Rebuilding agricultural production
Subsistence agriculture provides around 50 per cent of national GDP, with two-thirds of the population involved in the sector. For those involved in farming, the clock has been wound back well before the advent of war. However, a recent study conducted by the DFID-funded Research Into Use (RIU) programme has revealed that there are a number of areas in which innovation research could make a difference in rehabilitating agricultural production.
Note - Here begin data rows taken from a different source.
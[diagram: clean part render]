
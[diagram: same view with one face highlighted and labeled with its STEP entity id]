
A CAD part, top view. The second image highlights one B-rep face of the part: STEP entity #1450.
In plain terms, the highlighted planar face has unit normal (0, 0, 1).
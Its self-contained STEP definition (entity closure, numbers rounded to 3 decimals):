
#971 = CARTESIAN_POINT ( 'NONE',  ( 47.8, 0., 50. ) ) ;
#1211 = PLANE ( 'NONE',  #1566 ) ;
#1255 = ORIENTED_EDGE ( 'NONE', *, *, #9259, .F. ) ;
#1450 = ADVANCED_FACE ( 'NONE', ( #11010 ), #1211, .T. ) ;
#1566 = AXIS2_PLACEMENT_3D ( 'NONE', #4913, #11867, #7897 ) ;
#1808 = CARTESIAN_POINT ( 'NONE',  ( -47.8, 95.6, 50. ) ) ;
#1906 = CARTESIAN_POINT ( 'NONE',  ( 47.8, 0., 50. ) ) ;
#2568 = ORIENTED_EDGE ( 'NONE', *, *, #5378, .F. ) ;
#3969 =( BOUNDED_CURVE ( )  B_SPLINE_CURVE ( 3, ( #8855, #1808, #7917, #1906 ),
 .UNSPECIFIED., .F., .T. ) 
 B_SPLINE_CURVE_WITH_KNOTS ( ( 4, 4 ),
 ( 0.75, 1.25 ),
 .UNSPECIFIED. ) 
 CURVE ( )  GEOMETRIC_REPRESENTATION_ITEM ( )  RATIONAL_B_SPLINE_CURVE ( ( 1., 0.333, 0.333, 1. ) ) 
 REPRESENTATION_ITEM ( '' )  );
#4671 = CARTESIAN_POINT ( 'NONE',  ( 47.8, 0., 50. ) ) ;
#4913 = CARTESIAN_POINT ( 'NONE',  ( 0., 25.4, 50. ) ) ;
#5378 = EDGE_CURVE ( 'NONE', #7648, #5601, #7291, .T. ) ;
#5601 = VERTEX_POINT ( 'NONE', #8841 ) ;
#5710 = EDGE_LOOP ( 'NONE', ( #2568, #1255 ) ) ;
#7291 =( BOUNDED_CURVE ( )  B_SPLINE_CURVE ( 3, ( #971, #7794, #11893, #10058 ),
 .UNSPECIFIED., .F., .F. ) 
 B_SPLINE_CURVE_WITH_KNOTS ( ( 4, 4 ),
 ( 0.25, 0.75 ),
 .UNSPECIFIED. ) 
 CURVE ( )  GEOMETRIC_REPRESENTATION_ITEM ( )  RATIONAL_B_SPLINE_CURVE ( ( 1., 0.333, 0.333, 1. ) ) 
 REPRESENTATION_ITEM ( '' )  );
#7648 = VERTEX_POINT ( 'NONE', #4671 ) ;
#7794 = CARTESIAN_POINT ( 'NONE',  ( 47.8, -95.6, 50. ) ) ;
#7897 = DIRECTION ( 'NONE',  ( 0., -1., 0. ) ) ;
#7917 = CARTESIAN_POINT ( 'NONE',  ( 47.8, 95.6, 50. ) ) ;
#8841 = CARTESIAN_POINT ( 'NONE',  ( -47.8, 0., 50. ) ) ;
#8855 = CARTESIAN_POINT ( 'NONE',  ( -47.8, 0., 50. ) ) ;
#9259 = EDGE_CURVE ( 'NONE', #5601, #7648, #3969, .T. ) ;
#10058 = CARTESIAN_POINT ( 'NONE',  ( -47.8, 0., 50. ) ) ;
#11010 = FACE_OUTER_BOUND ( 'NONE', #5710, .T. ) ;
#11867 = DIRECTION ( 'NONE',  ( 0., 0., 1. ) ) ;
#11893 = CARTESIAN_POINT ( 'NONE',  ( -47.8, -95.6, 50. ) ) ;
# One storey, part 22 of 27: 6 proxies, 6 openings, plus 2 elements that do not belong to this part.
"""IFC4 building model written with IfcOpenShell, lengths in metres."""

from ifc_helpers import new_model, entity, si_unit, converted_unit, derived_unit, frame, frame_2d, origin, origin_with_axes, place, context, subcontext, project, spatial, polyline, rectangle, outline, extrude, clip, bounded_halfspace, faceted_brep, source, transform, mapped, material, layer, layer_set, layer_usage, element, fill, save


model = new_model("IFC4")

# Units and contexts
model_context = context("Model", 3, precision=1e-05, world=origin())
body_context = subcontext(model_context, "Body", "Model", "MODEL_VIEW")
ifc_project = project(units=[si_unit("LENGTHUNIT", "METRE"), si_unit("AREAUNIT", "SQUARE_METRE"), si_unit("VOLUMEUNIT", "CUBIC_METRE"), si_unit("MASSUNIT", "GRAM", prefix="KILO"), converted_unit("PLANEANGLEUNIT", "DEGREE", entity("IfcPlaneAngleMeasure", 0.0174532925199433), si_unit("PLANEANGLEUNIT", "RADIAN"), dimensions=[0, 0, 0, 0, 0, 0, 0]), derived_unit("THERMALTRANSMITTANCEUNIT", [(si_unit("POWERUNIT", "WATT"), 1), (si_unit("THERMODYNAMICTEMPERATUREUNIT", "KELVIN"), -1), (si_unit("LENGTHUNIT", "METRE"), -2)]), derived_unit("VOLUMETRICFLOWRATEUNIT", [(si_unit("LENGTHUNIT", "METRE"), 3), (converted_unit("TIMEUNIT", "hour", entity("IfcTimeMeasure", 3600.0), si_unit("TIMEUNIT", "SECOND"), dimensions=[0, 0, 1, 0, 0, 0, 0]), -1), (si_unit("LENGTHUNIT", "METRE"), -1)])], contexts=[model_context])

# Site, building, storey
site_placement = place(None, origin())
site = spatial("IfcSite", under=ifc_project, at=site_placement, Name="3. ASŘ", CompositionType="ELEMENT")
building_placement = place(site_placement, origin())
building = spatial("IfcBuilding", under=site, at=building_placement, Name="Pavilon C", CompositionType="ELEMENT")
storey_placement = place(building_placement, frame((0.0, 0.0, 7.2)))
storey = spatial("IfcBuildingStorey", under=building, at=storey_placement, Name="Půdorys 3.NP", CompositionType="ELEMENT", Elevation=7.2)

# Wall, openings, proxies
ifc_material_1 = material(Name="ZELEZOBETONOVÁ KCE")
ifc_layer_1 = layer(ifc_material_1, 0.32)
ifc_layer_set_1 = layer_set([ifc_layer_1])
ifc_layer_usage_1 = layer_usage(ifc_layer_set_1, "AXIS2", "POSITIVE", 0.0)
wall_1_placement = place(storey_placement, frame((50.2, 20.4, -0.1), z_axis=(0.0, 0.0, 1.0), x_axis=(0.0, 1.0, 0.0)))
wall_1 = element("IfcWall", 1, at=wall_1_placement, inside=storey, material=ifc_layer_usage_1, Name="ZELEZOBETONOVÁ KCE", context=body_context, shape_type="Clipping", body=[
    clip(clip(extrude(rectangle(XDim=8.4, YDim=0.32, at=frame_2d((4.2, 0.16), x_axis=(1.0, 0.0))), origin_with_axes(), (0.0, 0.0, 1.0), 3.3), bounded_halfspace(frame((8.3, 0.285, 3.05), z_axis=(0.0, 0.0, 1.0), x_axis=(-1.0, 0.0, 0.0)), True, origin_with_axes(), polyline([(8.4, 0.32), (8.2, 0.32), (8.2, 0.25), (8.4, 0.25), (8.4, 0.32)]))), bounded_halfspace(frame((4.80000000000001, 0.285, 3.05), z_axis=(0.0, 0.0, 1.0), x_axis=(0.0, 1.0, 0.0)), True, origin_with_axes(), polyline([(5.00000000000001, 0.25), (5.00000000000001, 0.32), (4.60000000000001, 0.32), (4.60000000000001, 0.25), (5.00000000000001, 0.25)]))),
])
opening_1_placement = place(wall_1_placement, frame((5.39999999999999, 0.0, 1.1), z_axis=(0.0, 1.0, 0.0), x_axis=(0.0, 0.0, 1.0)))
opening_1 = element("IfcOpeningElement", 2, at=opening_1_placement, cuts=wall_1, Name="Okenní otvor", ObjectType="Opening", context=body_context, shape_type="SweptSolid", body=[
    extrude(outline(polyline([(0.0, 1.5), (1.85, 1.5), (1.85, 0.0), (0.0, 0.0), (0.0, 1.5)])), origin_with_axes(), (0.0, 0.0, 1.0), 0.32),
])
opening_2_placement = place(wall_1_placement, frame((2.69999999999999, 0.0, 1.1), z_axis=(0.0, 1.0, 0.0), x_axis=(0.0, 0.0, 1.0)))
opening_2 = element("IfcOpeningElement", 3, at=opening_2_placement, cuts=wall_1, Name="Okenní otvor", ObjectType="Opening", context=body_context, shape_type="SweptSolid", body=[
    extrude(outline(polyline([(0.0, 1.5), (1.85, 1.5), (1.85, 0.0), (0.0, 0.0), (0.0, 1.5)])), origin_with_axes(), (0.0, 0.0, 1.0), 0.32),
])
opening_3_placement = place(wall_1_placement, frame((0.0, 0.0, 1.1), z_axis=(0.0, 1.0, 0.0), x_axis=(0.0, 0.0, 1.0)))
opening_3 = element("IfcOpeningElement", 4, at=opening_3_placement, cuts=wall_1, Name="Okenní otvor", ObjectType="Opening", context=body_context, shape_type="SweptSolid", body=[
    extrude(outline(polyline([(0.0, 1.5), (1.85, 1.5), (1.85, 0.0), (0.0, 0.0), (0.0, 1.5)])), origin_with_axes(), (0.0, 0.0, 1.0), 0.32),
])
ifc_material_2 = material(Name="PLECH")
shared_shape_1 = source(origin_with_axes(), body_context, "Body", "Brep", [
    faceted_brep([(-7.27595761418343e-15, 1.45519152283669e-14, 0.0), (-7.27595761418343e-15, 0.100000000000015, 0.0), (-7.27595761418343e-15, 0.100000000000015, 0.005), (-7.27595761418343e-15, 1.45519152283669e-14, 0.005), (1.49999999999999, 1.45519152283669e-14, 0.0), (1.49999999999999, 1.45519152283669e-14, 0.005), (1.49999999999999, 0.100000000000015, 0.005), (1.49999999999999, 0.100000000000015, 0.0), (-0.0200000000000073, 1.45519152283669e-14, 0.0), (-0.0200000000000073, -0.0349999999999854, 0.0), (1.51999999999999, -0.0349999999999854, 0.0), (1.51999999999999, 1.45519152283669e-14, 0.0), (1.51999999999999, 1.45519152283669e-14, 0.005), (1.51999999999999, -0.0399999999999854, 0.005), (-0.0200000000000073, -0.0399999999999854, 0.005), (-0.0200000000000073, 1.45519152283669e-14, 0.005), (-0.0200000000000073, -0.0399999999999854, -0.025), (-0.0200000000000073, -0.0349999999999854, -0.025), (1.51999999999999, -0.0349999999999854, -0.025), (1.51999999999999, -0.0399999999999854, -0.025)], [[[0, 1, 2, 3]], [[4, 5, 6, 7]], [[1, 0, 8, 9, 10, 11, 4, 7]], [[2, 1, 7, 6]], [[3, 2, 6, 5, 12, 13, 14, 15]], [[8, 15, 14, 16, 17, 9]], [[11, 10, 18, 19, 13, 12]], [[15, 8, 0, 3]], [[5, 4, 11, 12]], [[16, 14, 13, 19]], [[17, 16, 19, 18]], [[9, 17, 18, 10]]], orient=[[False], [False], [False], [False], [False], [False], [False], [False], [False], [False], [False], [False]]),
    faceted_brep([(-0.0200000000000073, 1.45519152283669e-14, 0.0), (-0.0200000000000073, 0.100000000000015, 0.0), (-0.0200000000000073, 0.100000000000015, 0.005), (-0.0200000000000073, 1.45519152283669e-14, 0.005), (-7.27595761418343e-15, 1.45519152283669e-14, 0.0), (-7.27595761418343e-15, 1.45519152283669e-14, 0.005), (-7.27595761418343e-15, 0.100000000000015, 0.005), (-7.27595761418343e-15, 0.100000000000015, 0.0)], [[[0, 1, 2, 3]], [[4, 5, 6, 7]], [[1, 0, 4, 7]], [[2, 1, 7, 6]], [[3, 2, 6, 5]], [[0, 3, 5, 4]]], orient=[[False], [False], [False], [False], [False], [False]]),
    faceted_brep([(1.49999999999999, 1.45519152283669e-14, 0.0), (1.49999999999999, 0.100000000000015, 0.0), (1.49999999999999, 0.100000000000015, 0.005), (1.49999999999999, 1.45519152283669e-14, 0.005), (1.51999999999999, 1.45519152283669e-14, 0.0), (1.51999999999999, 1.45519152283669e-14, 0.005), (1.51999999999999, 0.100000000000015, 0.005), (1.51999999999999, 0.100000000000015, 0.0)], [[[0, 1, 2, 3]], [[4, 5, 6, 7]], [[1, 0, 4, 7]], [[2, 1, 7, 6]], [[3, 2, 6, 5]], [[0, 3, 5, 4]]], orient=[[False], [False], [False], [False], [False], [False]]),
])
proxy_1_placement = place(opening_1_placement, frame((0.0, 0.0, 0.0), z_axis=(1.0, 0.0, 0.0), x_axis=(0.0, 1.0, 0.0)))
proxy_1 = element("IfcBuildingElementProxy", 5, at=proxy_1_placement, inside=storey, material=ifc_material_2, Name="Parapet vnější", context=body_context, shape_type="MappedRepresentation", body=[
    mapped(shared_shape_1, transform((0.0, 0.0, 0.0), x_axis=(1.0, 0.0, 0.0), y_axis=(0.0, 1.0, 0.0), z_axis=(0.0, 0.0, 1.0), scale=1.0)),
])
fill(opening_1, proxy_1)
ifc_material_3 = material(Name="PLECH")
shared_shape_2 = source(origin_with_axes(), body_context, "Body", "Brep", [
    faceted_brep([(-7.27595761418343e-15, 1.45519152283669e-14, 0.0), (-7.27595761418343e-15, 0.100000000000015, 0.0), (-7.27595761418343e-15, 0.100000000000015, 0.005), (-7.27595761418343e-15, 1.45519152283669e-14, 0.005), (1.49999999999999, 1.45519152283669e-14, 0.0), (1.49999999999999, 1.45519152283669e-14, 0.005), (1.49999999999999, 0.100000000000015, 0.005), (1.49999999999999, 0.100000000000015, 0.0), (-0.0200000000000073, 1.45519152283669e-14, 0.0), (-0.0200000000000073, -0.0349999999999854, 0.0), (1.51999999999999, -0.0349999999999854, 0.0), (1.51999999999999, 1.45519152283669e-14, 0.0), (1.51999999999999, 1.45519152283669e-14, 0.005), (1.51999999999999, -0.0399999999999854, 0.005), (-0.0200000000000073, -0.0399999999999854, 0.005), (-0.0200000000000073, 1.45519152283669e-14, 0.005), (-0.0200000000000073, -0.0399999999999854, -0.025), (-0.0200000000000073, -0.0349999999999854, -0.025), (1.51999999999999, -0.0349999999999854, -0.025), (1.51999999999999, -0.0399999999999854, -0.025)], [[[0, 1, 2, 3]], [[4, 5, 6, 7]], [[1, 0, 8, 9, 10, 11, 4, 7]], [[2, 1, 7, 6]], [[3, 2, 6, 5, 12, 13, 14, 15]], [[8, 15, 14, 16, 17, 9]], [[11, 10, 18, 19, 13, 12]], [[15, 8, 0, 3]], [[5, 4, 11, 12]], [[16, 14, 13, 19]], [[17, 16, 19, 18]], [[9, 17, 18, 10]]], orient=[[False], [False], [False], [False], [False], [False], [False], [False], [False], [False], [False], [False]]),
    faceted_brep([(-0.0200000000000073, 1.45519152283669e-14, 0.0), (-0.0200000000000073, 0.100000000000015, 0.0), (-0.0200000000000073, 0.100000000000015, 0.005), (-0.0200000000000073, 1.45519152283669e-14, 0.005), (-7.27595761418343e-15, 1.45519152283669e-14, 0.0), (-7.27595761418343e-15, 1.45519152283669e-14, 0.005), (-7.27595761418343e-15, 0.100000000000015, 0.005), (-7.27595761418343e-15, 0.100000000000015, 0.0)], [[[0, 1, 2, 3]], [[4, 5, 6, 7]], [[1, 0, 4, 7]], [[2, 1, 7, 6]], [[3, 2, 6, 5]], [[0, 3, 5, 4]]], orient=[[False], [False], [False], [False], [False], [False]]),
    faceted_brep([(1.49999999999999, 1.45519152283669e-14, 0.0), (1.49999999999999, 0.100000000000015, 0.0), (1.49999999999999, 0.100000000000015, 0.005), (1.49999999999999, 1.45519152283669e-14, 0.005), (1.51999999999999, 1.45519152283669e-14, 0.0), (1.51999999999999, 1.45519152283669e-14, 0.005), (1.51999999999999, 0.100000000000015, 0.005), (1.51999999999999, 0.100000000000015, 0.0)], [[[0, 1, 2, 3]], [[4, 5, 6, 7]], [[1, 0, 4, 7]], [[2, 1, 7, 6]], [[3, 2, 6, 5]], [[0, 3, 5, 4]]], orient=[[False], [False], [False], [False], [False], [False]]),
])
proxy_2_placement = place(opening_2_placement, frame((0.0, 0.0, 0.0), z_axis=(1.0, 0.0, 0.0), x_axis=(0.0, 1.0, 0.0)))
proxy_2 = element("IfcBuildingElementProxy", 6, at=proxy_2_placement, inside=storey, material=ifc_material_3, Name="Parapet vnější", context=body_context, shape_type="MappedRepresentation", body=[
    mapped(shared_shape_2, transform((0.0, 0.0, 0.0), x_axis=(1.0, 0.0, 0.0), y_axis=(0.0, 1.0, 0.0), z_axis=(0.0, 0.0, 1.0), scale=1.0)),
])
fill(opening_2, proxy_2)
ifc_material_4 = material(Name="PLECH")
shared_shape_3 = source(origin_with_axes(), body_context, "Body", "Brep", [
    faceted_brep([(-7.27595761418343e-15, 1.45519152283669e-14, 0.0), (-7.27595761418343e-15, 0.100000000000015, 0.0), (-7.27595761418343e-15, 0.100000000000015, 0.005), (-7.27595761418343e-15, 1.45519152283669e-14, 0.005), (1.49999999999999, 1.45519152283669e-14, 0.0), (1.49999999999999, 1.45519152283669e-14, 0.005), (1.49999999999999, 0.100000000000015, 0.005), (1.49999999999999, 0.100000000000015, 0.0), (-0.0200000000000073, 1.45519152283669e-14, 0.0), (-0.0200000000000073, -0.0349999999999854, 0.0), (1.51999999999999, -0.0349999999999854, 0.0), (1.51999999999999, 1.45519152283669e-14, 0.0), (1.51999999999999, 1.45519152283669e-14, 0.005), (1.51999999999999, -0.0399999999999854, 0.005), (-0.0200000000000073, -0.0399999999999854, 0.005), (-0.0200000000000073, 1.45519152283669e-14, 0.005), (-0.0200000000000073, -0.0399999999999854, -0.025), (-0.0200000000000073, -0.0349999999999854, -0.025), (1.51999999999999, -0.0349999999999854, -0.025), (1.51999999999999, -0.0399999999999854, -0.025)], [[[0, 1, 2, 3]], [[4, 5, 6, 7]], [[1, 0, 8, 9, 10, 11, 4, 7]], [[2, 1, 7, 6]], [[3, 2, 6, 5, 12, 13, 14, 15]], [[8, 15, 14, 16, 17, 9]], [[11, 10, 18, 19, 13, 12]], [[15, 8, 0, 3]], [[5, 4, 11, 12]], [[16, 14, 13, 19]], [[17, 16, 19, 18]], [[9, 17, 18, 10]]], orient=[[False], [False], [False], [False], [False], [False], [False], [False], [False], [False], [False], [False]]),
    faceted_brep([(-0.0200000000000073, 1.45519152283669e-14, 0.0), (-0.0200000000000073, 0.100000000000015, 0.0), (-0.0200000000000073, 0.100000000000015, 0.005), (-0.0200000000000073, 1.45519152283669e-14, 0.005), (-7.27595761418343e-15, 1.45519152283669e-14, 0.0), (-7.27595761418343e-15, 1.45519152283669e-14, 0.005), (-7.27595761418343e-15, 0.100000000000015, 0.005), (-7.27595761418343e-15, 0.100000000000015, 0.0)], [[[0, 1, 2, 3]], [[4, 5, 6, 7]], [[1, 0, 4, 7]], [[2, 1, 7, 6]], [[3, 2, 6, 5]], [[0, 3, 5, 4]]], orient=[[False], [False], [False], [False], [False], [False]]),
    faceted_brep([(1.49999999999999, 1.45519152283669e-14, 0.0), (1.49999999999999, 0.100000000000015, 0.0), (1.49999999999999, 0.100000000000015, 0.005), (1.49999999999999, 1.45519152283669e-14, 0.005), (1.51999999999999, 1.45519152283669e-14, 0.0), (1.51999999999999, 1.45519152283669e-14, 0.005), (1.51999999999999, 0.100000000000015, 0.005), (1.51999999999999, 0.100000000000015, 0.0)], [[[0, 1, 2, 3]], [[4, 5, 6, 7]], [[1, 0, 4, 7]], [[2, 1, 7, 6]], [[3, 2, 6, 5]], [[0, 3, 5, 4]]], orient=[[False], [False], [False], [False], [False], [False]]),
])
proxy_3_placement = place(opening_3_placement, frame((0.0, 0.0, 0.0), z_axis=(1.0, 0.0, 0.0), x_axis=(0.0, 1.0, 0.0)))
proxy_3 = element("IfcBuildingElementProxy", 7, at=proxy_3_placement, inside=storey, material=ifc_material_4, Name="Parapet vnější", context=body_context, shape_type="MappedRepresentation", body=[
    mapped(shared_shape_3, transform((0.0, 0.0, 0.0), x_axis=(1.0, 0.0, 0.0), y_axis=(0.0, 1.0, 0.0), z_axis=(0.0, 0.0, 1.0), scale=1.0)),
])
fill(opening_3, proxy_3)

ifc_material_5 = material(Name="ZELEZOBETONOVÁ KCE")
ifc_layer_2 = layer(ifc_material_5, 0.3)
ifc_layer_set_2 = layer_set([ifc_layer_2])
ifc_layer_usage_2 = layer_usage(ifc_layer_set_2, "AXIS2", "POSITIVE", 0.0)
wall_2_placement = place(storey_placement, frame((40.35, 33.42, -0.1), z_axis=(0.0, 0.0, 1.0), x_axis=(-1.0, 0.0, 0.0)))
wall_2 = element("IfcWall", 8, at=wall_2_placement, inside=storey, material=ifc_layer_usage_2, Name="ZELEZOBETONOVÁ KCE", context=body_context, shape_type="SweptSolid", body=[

A process of resuscitating the rural economy had been initiated by the government. But in many areas the rural economy has ceased to function since its social and institutional structure collapsed during the years of conflict. Large numbers of people have migrated to towns and, for those left behind, seeds, fertilisers, tools and other inputs are in short supply and often subject to exploitative pricing by traders. Lack of transport and poor feeder roads also constrains access to markets and the potential for agro-processing.
A complexity of issues
Two million people were displaced during the conflict, about one-third of the population. Many of these have not returned to rural areas, having settled in camps close to urban centres. For those returning to their homesteads in rural areas, re-establishing agricultural production has been an important part of the recovery process. However, rapid population growth is leading to environmental degradation as a result of expansion of slash-and-burn agriculture, extensive deforestation, and over-grazing by cattle; issues that must be addressed if agriculture in Sierra Leone is to provide a way out of poverty.
As one of six focus countries for the five-year DFID supported RIU programme, a 'research showcase' event held in March 2007 highlighted research outputs that might have application in Sierra Leone. For instance, there is a great need to re-establish livestock into small-scale farming systems, particularly small ruminants and poultry - although pigs, rabbits and cattle are also important. Animal health services are virtually non-existent, so it will be essential to provide and strengthen veterinary capacity and the livestock sector.
Another major issue in Sierra Leone is the incapacity to make use of crop surpluses at the end of the growing season. A lack of agro-processing facilities severely constrains post-harvest processing and the opportunity to add value to crops. The RIU study also revealed that the establishment of micro-credit facilities would enhance rural development initiatives.
Working in partnership
After years of conflict, with a weak private sector and inadequate capacity at local government level, it will be necessary for innovations in research to be led by international and local NGOs or community-based organisations. It is important that a broader network of partners is established including private and public sector organisations, policymakers and the media. Communication and building trust have been identified by RIU as key to developing an integrated approach in Sierra Leone. Other necessities will include capacity strengthening and changes in policy, so that the country's poor farmers and rural communities are able to improve crop and livestock production, enhance agro-processing activities, and access credit and markets.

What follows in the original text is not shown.